O Exército dos Estados Unidos informou na madrugada desta quarta – feira (9) que três pessoas morreram durante um ataque contra uma embarcação no Mar do Caribe. A ação foi atribuída ao Comando Sul dos EUA, que afirmou ter como alvo uma embarcação de alta velocidade usada em rotas conhecidas de tráfico de drogas.
O episódio é o mais recente de uma série de ofensivas realizadas desde setembro de 2025. O governo do presidente Donald Trump diz que as embarcações atingidas transportavam drogas, enquanto organizações de direitos humanos contestam a legalidade das operações e as classificam como execuções extrajudiciais.
Ataque ocorreu em rota de tráfico no Caribe
Em comunicado, o (Comando Sul dos EUA) descreveu a ação como um “ataque cinético letal contra uma embarcação de alta velocidade que operava em rotas conhecidas de tráfico de drogas no Caribe.” O comando também afirmou ter usado “informações de inteligência confirmadas” para sustentar que a embarcação estava envolvida ativamente com o, sem fornecer mais detalhes.

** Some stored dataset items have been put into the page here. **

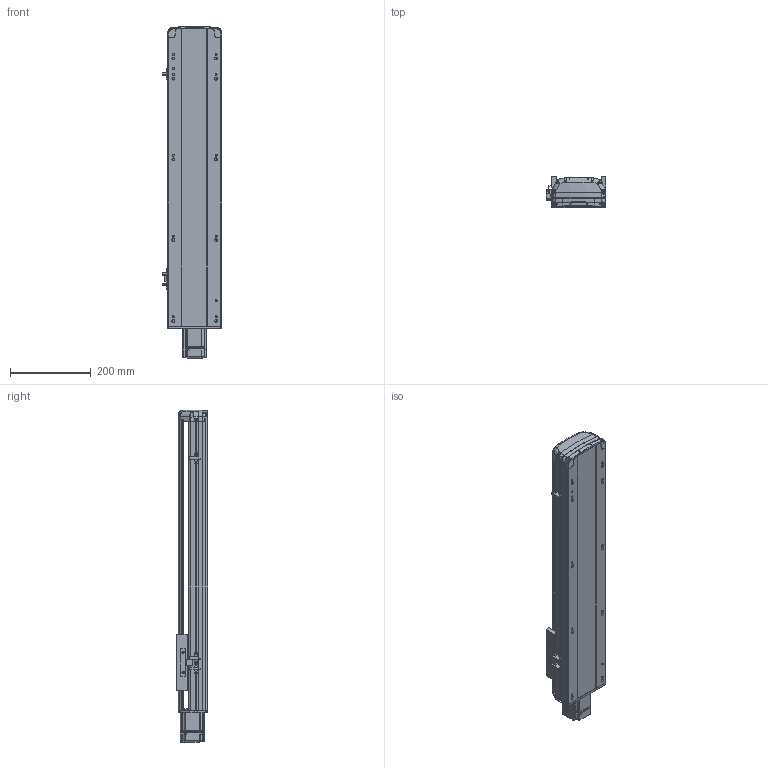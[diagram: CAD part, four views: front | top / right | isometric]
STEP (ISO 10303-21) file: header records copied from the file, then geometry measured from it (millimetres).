
FILE_DESCRIPTION (( 'STEP AP214' ), '1' );
FILE_NAME ('RTH14-XX-500-E-M20-C4.STEP', '2025-10-24T09:08:00', ( 'Microsoft' ), ( 'Microsoft' ), 'SwSTEP 2.0', 'SolidWorks 2018', '' );
FILE_SCHEMA (( 'AUTOMOTIVE_DESIGN' ));
Length unit declared in the file: millimetre
Products named in the file (9): RTH14-XX-500-E-M20-C4; N_RTH14-GY-001P^RTH14-XX-XX-E-M20-C4; N_RTH13-E-008萇儂耜猾裔^RTH14-XX-XX-E-M20-C4; N_OMRON EE-SX672 传感器^RTH14-XX-XX-E-M20-C4; N_MSMD022P1AA_200W^RTH14-XX-XX-E-M20-C4; N_RTH14-E-007P奻裔^RTH14-XX-XX-E-M20-C4; N_RTH14-E-011P菁釱^RTH14-XX-XX-E-M20-C4; N_RTH14-R-004-SFSR16賑釱^RTH14-XX-XX-E-M20-C4; N_RTH13-L-012感应片（外置）^RTH14-XX-XX-E-M20-C4
Assembly tree (10 placements, depth 2):
  RTH14-XX-500-E-M20-C4
    N_RTH14-E-011P菁釱^RTH14-XX-XX-E-M20-C4
    N_RTH14-E-007P奻裔^RTH14-XX-XX-E-M20-C4
    N_MSMD022P1AA_200W^RTH14-XX-XX-E-M20-C4
    N_RTH13-L-012感应片（外置）^RTH14-XX-XX-E-M20-C4
    N_OMRON EE-SX672 传感器^RTH14-XX-XX-E-M20-C4  x3
    N_RTH13-E-008萇儂耜猾裔^RTH14-XX-XX-E-M20-C4
    N_RTH14-R-004-SFSR16賑釱^RTH14-XX-XX-E-M20-C4
    N_RTH14-GY-001P^RTH14-XX-XX-E-M20-C4
Bounding box: 148.5 x 78.03 x 822.37 mm (x, y, z)
Volume: 3484398 mm3; surface area: 767105.1 mm2
Topology: 10 solids, 10 shells, 1867 faces, 5254 edges, 3452 vertices
Faces by surface type: plane 977, cylinder 500, bspline 341, cone 45, torus 4
Entity records: 57192 total; most frequent: CARTESIAN_POINT 22852, ORIENTED_EDGE 7576, DIRECTION 6111, EDGE_CURVE 3788, VERTEX_POINT 2488, LINE 2167, VECTOR 2167, AXIS2_PLACEMENT_3D 1972

O ataque matou três pessoas, segundo a informação divulgada pelo Exército dos Estados Unidos. A operação faz parte de uma sequência de ações contra embarcações no Caribe que Washington relaciona ao combate de “narcoterroristas”.
Desde setembro de 2025, os ataques do Exército dos EUA contra essas embarcações no Caribe e mataram mais de 220 pessoas. O governo de Donald Trump sustenta que os alvos estavam ligados ao transporte de drogas, mas não foram apresentados, no comunicado citado, outros detalhes sobre a embarcação atingida nesta quarta – feira (9.
Entidades questionam legalidade das operações
Especialistas e defensores dos direitos humanos, nos Estados Unidos e em outros países, questionaram a legalidade dos ataques. A Human Rights Watch e especialistas independentes da ONU classificaram as ações como execuções extrajudiciais ilegais.
A ACLU (União Americana pelas Liberdades Civis) também contestou as justificativas apresentadas pelo governo Trump. Para a organização, as alegações contra os alvos são “afirmações infundadas e que buscam disseminar o medo”.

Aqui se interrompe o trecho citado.